豪10-12月期GDP:前期比0.6%増,約1年ぶり低成長-予想通り

オーストラリア統計局が5日発表した2007 年10-12月(第4四半期)の国内総生産(GDP)は前期比0.6%増と、約1 年ぶりの低い伸びとなった。建設部門の落ち込みと港湾の問題による輸出減少が 響いた。

第4四半期のGDP伸び率は、ブルームバーグ・ニュースがエコノミスト 24人を対象に実施した調査の予想中央値と一致した。前年同期比では3.9%増。 7-9月(第3四半期)のGDPは前期比1.1%増(改定値)だった。

成長鈍化で、オーストラリア準備銀行(RBA)は一段の利上げを先送りで きる可能性がある。RBAは4日、この約20年で最も高い伸びとなっているイン フレの抑制を狙い、政策金利を12年ぶり高水準の7.25%に引き上げた。中国の 天然資源への需要で鉱業ブームが加速し、失業率が1974年以来の低水準となる なか、豪州経済は28四半期連続で拡大している。

ウエストパック銀行のシニアエコノミスト、マシュー・ハッサン氏は統計発 表前に「08年の豪成長率は緩やかに減速するだけだと予想している」と述べた。 さらに「海外市場や金融市場の状況悪化が主要な下振れリスクとなっているが、 これまでのところ豪州への影響は限られている」と説明した。

豪ドルはシドニー時間午前11時47分(日本時間同9時47分)現在、1豪 ドル=0.9255米ドルと、発表前の同0.9264米ドルから下落。

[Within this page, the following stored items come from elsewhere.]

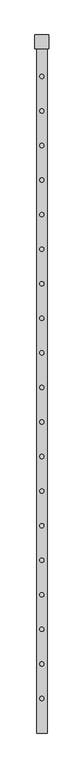
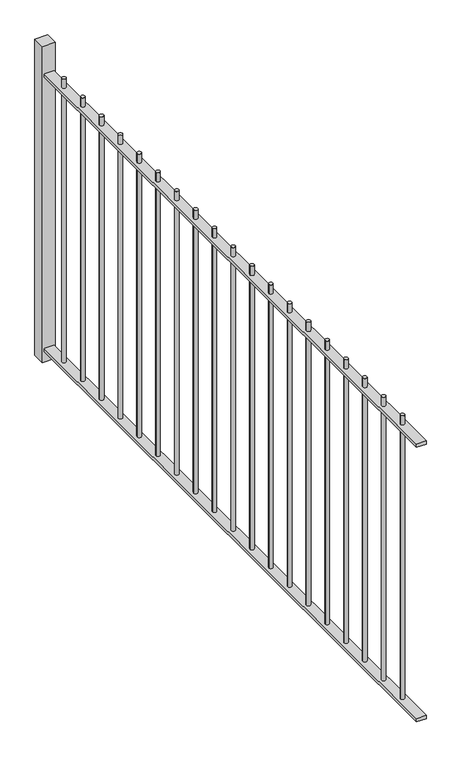
"""IFC4 building model written with IfcOpenShell, lengths in millimetres: railing geometry."""

from ifc_helpers import new_model, si_unit, point, frame, frame_2d, origin, place, context, project, spatial, polyline, circle_curve, trimmed, segment, composite_curve, outline, extrude, source, transform, mapped, element, save


def railing_8eb08526(model_context):
    return source(origin(), model_context, "Body", "SweptSolid", [
        extrude(outline(polyline([(-6549.419961, -16851.1119119), (-6489.419961, -16851.1119119), (-6489.419961, -20851.1119119), (-6549.419961, -20851.1119119), (-6549.419961, -16851.1119119)])), frame((0.0, 0.0, -30.0), z_axis=(0.0, 0.0, 1.0), x_axis=(1.0, 0.0, 0.0)), (0.0, 0.0, 1.0), 20.0),
        extrude(outline(polyline([(-6549.419961, -16851.1119119), (-6489.419961, -16851.1119119), (-6489.419961, -20851.1119119), (-6549.419961, -20851.1119119), (-6549.419961, -16851.1119119)])), frame((0.0, 0.0, 1750.0), z_axis=(0.0, 0.0, 1.0), x_axis=(1.0, 0.0, 0.0)), (0.0, 0.0, 1.0), 20.0),
        extrude(outline(composite_curve([segment(trimmed(circle_curve(frame_2d((-6519.419961, -20651.1119119)), 12.5), [point((-6531.919961, -20651.1119119))], [point((-6506.919961, -20651.1119119))], False, "CARTESIAN"), True, "CONTINUOUS"), segment(trimmed(circle_curve(frame_2d((-6519.419961, -20651.1119119)), 12.5), [point((-6506.919961, -20651.1119119))], [point((-6531.919961, -20651.1119119))], False, "CARTESIAN"), True, "CONTINUOUS")], self_intersect=False)), frame((0.0, 0.0, -10.0), z_axis=(0.0, 0.0, 1.0), x_axis=(1.0, 0.0, 0.0)), (0.0, 0.0, 1.0), 1840.0),
        extrude(outline(composite_curve([segment(trimmed(circle_curve(frame_2d((-6519.419961, -20451.1119119)), 12.5), [point((-6531.919961, -20451.1119119))], [point((-6506.919961, -20451.1119119))], False, "CARTESIAN"), True, "CONTINUOUS"), segment(trimmed(circle_curve(frame_2d((-6519.419961, -20451.1119119)), 12.5), [point((-6506.919961, -20451.1119119))], [point((-6531.919961, -20451.1119119))], False, "CARTESIAN"), True, "CONTINUOUS")], self_intersect=False)), frame((0.0, 0.0, -10.0), z_axis=(0.0, 0.0, 1.0), x_axis=(1.0, 0.0, 0.0)), (0.0, 0.0, 1.0), 1840.0),
        extrude(outline(composite_curve([segment(trimmed(circle_curve(frame_2d((-6519.419961, -20251.1119119)), 12.5), [point((-6531.919961, -20251.1119119))], [point((-6506.919961, -20251.1119119))], False, "CARTESIAN"), True, "CONTINUOUS"), segment(trimmed(circle_curve(frame_2d((-6519.419961, -20251.1119119)), 12.5), [point((-6506.919961, -20251.1119119))], [point((-6531.919961, -20251.1119119))], False, "CARTESIAN"), True, "CONTINUOUS")], self_intersect=False)), frame((0.0, 0.0, -10.0), z_axis=(0.0, 0.0, 1.0), x_axis=(1.0, 0.0, 0.0)), (0.0, 0.0, 1.0), 1840.0),
        extrude(outline(composite_curve([segment(trimmed(circle_curve(frame_2d((-6519.419961, -20051.1119119)), 12.5), [point((-6531.919961, -20051.1119119))], [point((-6506.919961, -20051.1119119))], False, "CARTESIAN"), True, "CONTINUOUS"), segment(trimmed(circle_curve(frame_2d((-6519.419961, -20051.1119119)), 12.5), [point((-6506.919961, -20051.1119119))], [point((-6531.919961, -20051.1119119))], False, "CARTESIAN"), True, "CONTINUOUS")], self_intersect=False)), frame((0.0, 0.0, -10.0), z_axis=(0.0, 0.0, 1.0), x_axis=(1.0, 0.0, 0.0)), (0.0, 0.0, 1.0), 1840.0),
        extrude(outline(composite_curve([segment(trimmed(circle_curve(frame_2d((-6519.419961, -19851.1119119)), 12.5), [point((-6531.919961, -19851.1119119))], [point((-6506.919961, -19851.1119119))], False, "CARTESIAN"), True, "CONTINUOUS"), segment(trimmed(circle_curve(frame_2d((-6519.419961, -19851.1119119)), 12.5), [point((-6506.919961, -19851.1119119))], [point((-6531.919961, -19851.1119119))], False, "CARTESIAN"), True, "CONTINUOUS")], self_intersect=False)), frame((0.0, 0.0, -10.0), z_axis=(0.0, 0.0, 1.0), x_axis=(1.0, 0.0, 0.0)), (0.0, 0.0, 1.0), 1840.0),
        extrude(outline(composite_curve([segment(trimmed(circle_curve(frame_2d((-6519.419961, -19651.1119119)), 12.5), [point((-6531.919961, -19651.1119119))], [point((-6506.919961, -19651.1119119))], False, "CARTESIAN"), True, "CONTINUOUS"), segment(trimmed(circle_curve(frame_2d((-6519.419961, -19651.1119119)), 12.5), [point((-6506.919961, -19651.1119119))], [point((-6531.919961, -19651.1119119))], False, "CARTESIAN"), True, "CONTINUOUS")], self_intersect=False)), frame((0.0, 0.0, -10.0), z_axis=(0.0, 0.0, 1.0), x_axis=(1.0, 0.0, 0.0)), (0.0, 0.0, 1.0), 1840.0),
        extrude(outline(composite_curve([segment(trimmed(circle_curve(frame_2d((-6519.419961, -19451.1119119)), 12.5), [point((-6531.919961, -19451.1119119))], [point((-6506.919961, -19451.1119119))], False, "CARTESIAN"), True, "CONTINUOUS"), segment(trimmed(circle_curve(frame_2d((-6519.419961, -19451.1119119)), 12.5), [point((-6506.919961, -19451.1119119))], [point((-6531.919961, -19451.1119119))], False, "CARTESIAN"), True, "CONTINUOUS")], self_intersect=False)), frame((0.0, 0.0, -10.0), z_axis=(0.0, 0.0, 1.0), x_axis=(1.0, 0.0, 0.0)), (0.0, 0.0, 1.0), 1840.0),
        extrude(outline(composite_curve([segment(trimmed(circle_curve(frame_2d((-6519.419961, -19251.1119119)), 12.5), [point((-6531.919961, -19251.1119119))], [point((-6506.919961, -19251.1119119))], False, "CARTESIAN"), True, "CONTINUOUS"), segment(trimmed(circle_curve(frame_2d((-6519.419961, -19251.1119119)), 12.5), [point((-6506.919961, -19251.1119119))], [point((-6531.919961, -19251.1119119))], False, "CARTESIAN"), True, "CONTINUOUS")], self_intersect=False)), frame((0.0, 0.0, -10.0), z_axis=(0.0, 0.0, 1.0), x_axis=(1.0, 0.0, 0.0)), (0.0, 0.0, 1.0), 1840.0),
        extrude(outline(composite_curve([segment(trimmed(circle_curve(frame_2d((-6519.419961, -19051.1119119)), 12.5), [point((-6531.919961, -19051.1119119))], [point((-6506.919961, -19051.1119119))], False, "CARTESIAN"), True, "CONTINUOUS"), segment(trimmed(circle_curve(frame_2d((-6519.419961, -19051.1119119)), 12.5), [point((-6506.919961, -19051.1119119))], [point((-6531.919961, -19051.1119119))], False, "CARTESIAN"), True, "CONTINUOUS")], self_intersect=False)), frame((0.0, 0.0, -10.0), z_axis=(0.0, 0.0, 1.0), x_axis=(1.0, 0.0, 0.0)), (0.0, 0.0, 1.0), 1840.0),
        extrude(outline(composite_curve([segment(trimmed(circle_curve(frame_2d((-6519.419961, -18851.1119119)), 12.5), [point((-6531.919961, -18851.1119119))], [point((-6506.919961, -18851.1119119))], False, "CARTESIAN"), True, "CONTINUOUS"), segment(trimmed(circle_curve(frame_2d((-6519.419961, -18851.1119119)), 12.5), [point((-6506.919961, -18851.1119119))], [point((-6531.919961, -18851.1119119))], False, "CARTESIAN"), True, "CONTINUOUS")], self_intersect=False)), frame((0.0, 0.0, -10.0), z_axis=(0.0, 0.0, 1.0), x_axis=(1.0, 0.0, 0.0)), (0.0, 0.0, 1.0), 1840.0),
        extrude(outline(composite_curve([segment(trimmed(circle_curve(frame_2d((-6519.419961, -18651.1119119)), 12.5), [point((-6531.919961, -18651.1119119))], [point((-6506.919961, -18651.1119119))], False, "CARTESIAN"), True, "CONTINUOUS"), segment(trimmed(circle_curve(frame_2d((-6519.419961, -18651.1119119)), 12.5), [point((-6506.919961, -18651.1119119))], [point((-6531.919961, -18651.1119119))], False, "CARTESIAN"), True, "CONTINUOUS")], self_intersect=False)), frame((0.0, 0.0, -10.0), z_axis=(0.0, 0.0, 1.0), x_axis=(1.0, 0.0, 0.0)), (0.0, 0.0, 1.0), 1840.0),
        extrude(outline(composite_curve([segment(trimmed(circle_curve(frame_2d((-6519.419961, -18451.1119119)), 12.5), [point((-6531.919961, -18451.1119119))], [point((-6506.919961, -18451.1119119))], False, "CARTESIAN"), True, "CONTINUOUS"), segment(trimmed(circle_curve(frame_2d((-6519.419961, -18451.1119119)), 12.5), [point((-6506.919961, -18451.1119119))], [point((-6531.919961, -18451.1119119))], False, "CARTESIAN"), True, "CONTINUOUS")], self_intersect=False)), frame((0.0, 0.0, -10.0), z_axis=(0.0, 0.0, 1.0), x_axis=(1.0, 0.0, 0.0)), (0.0, 0.0, 1.0), 1840.0),
        extrude(outline(composite_curve([segment(trimmed(circle_curve(frame_2d((-6519.419961, -18251.1119119)), 12.5), [point((-6531.919961, -18251.1119119))], [point((-6506.919961, -18251.1119119))], False, "CARTESIAN"), True, "CONTINUOUS"), segment(trimmed(circle_curve(frame_2d((-6519.419961, -18251.1119119)), 12.5), [point((-6506.919961, -18251.1119119))], [point((-6531.919961, -18251.1119119))], False, "CARTESIAN"), True, "CONTINUOUS")], self_intersect=False)), frame((0.0, 0.0, -10.0), z_axis=(0.0, 0.0, 1.0), x_axis=(1.0, 0.0, 0.0)), (0.0, 0.0, 1.0), 1840.0),
        extrude(outline(composite_curve([segment(trimmed(circle_curve(frame_2d((-6519.419961, -18051.1119119)), 12.5), [point((-6531.919961, -18051.1119119))], [point((-6506.919961, -18051.1119119))], False, "CARTESIAN"), True, "CONTINUOUS"), segment(trimmed(circle_curve(frame_2d((-6519.419961, -18051.1119119)), 12.5), [point((-6506.919961, -18051.1119119))], [point((-6531.919961, -18051.1119119))], False, "CARTESIAN"), True, "CONTINUOUS")], self_intersect=False)), frame((0.0, 0.0, -10.0), z_axis=(0.0, 0.0, 1.0), x_axis=(1.0, 0.0, 0.0)), (0.0, 0.0, 1.0), 1840.0),
        extrude(outline(composite_curve([segment(trimmed(circle_curve(frame_2d((-6519.419961, -17851.1119119)), 12.5), [point((-6531.919961, -17851.1119119))], [point((-6506.919961, -17851.1119119))], False, "CARTESIAN"), True, "CONTINUOUS"), segment(trimmed(circle_curve(frame_2d((-6519.419961, -17851.1119119)), 12.5), [point((-6506.919961, -17851.1119119))], [point((-6531.919961, -17851.1119119))], False, "CARTESIAN"), True, "CONTINUOUS")], self_intersect=False)), frame((0.0, 0.0, -10.0), z_axis=(0.0, 0.0, 1.0), x_axis=(1.0, 0.0, 0.0)), (0.0, 0.0, 1.0), 1840.0),
        extrude(outline(composite_curve([segment(trimmed(circle_curve(frame_2d((-6519.419961, -17651.1119119)), 12.5), [point((-6531.919961, -17651.1119119))], [point((-6506.919961, -17651.1119119))], False, "CARTESIAN"), True, "CONTINUOUS"), segment(trimmed(circle_curve(frame_2d((-6519.419961, -17651.1119119)), 12.5), [point((-6506.919961, -17651.1119119))], [point((-6531.919961, -17651.1119119))], False, "CARTESIAN"), True, "CONTINUOUS")], self_intersect=False)), frame((0.0, 0.0, -10.0), z_axis=(0.0, 0.0, 1.0), x_axis=(1.0, 0.0, 0.0)), (0.0, 0.0, 1.0), 1840.0),
        extrude(outline(composite_curve([segment(trimmed(circle_curve(frame_2d((-6519.419961, -17451.1119119)), 12.5), [point((-6531.919961, -17451.1119119))], [point((-6506.919961, -17451.1119119))], False, "CARTESIAN"), True, "CONTINUOUS"), segment(trimmed(circle_curve(frame_2d((-6519.419961, -17451.1119119)), 12.5), [point((-6506.919961, -17451.1119119))], [point((-6531.919961, -17451.1119119))], False, "CARTESIAN"), True, "CONTINUOUS")], self_intersect=False)), frame((0.0, 0.0, -10.0), z_axis=(0.0, 0.0, 1.0), x_axis=(1.0, 0.0, 0.0)), (0.0, 0.0, 1.0), 1840.0),
        extrude(outline(composite_curve([segment(trimmed(circle_curve(frame_2d((-6519.419961, -17251.1119119)), 12.5), [point((-6531.919961, -17251.1119119))], [point((-6506.919961, -17251.1119119))], False, "CARTESIAN"), True, "CONTINUOUS"), segment(trimmed(circle_curve(frame_2d((-6519.419961, -17251.1119119)), 12.5), [point((-6506.919961, -17251.1119119))], [point((-6531.919961, -17251.1119119))], False, "CARTESIAN"), True, "CONTINUOUS")], self_intersect=False)), frame((0.0, 0.0, -10.0), z_axis=(0.0, 0.0, 1.0), x_axis=(1.0, 0.0, 0.0)), (0.0, 0.0, 1.0), 1840.0),
        extrude(outline(composite_curve([segment(trimmed(circle_curve(frame_2d((-6519.419961, -17051.1119119)), 12.5), [point((-6531.919961, -17051.1119119))], [point((-6506.919961, -17051.1119119))], False, "CARTESIAN"), True, "CONTINUOUS"), segment(trimmed(circle_curve(frame_2d((-6519.419961, -17051.1119119)), 12.5), [point((-6506.919961, -17051.1119119))], [point((-6531.919961, -17051.1119119))], False, "CARTESIAN"), True, "CONTINUOUS")], self_intersect=False)), frame((0.0, 0.0, -10.0), z_axis=(0.0, 0.0, 1.0), x_axis=(1.0, 0.0, 0.0)), (0.0, 0.0, 1.0), 1840.0),
        extrude(outline(polyline([(-6479.419961, -16811.1119119), (-6479.419961, -16891.1119119), (-6559.419961, -16891.1119119), (-6559.419961, -16811.1119119), (-6479.419961, -16811.1119119)])), frame((0.0, 0.0, -100.0), z_axis=(0.0, 0.0, 1.0), x_axis=(1.0, 0.0, 0.0)), (0.0, 0.0, 1.0), 2050.0),
    ])


if __name__ == "__main__":
    model = new_model("IFC4")
    model_context = context("Model", 3, world=origin())
    ifc_project = project(units=[si_unit("LENGTHUNIT", "METRE", prefix="MILLI")], contexts=[model_context])
    site = spatial("IfcSite", under=ifc_project)
    building = spatial("IfcBuilding", under=site)
    placement = place(None, origin())
    railing_shape = railing_8eb08526(model_context)
    element("IfcRailing", 1, at=placement, inside=building, context=model_context, shape_type="MappedRepresentation", body=[
        mapped(railing_shape, transform((0.0, 0.0, 0.0), x_axis=(1.0, 0.0, 0.0), y_axis=(0.0, 1.0, 0.0), z_axis=(0.0, 0.0, 1.0))),
    ])
    save(model, "model.ifc")

# Revit data of these elements
# Element 1 (IfcRailing)
#   Materials on its faces: "NLRS_h2_staal_generiek zwart_gen_rsf", "NLRS_h2_staal_gen_rsf"
# Materials
#   "NLRS_h2_staal_generiek zwart_gen_rsf": class "Metal", colour RGB 189 187 185, transparency 0, Manufacturer = "RevitGG", URL = "www.revitgg.nl", Description = "Staal, generiek materiaal", Cost = 0
#   "NLRS_h2_staal_gen_rsf": class "H - Metaal", colour RGB 189 187 185, transparency 0, Keynote = "h2", Model = "generiek", Manufacturer = "Revit Standards Foundation", URL = "www.revitstandards.org", Description = "staal", Cost = 0

豪2年物国債 (表面利率7.5%、2009年9月償還)の利回りは1ベーシスポイント(bp、1 bp=0.01%)低下の6.52%。

豪株式相場は今年に入り、14%下落。米住宅不況の影響が欧州やアジアに波 及し、企業利益は縮小し、貿易相手国の景気は減速するとの懸念が背景となって いる。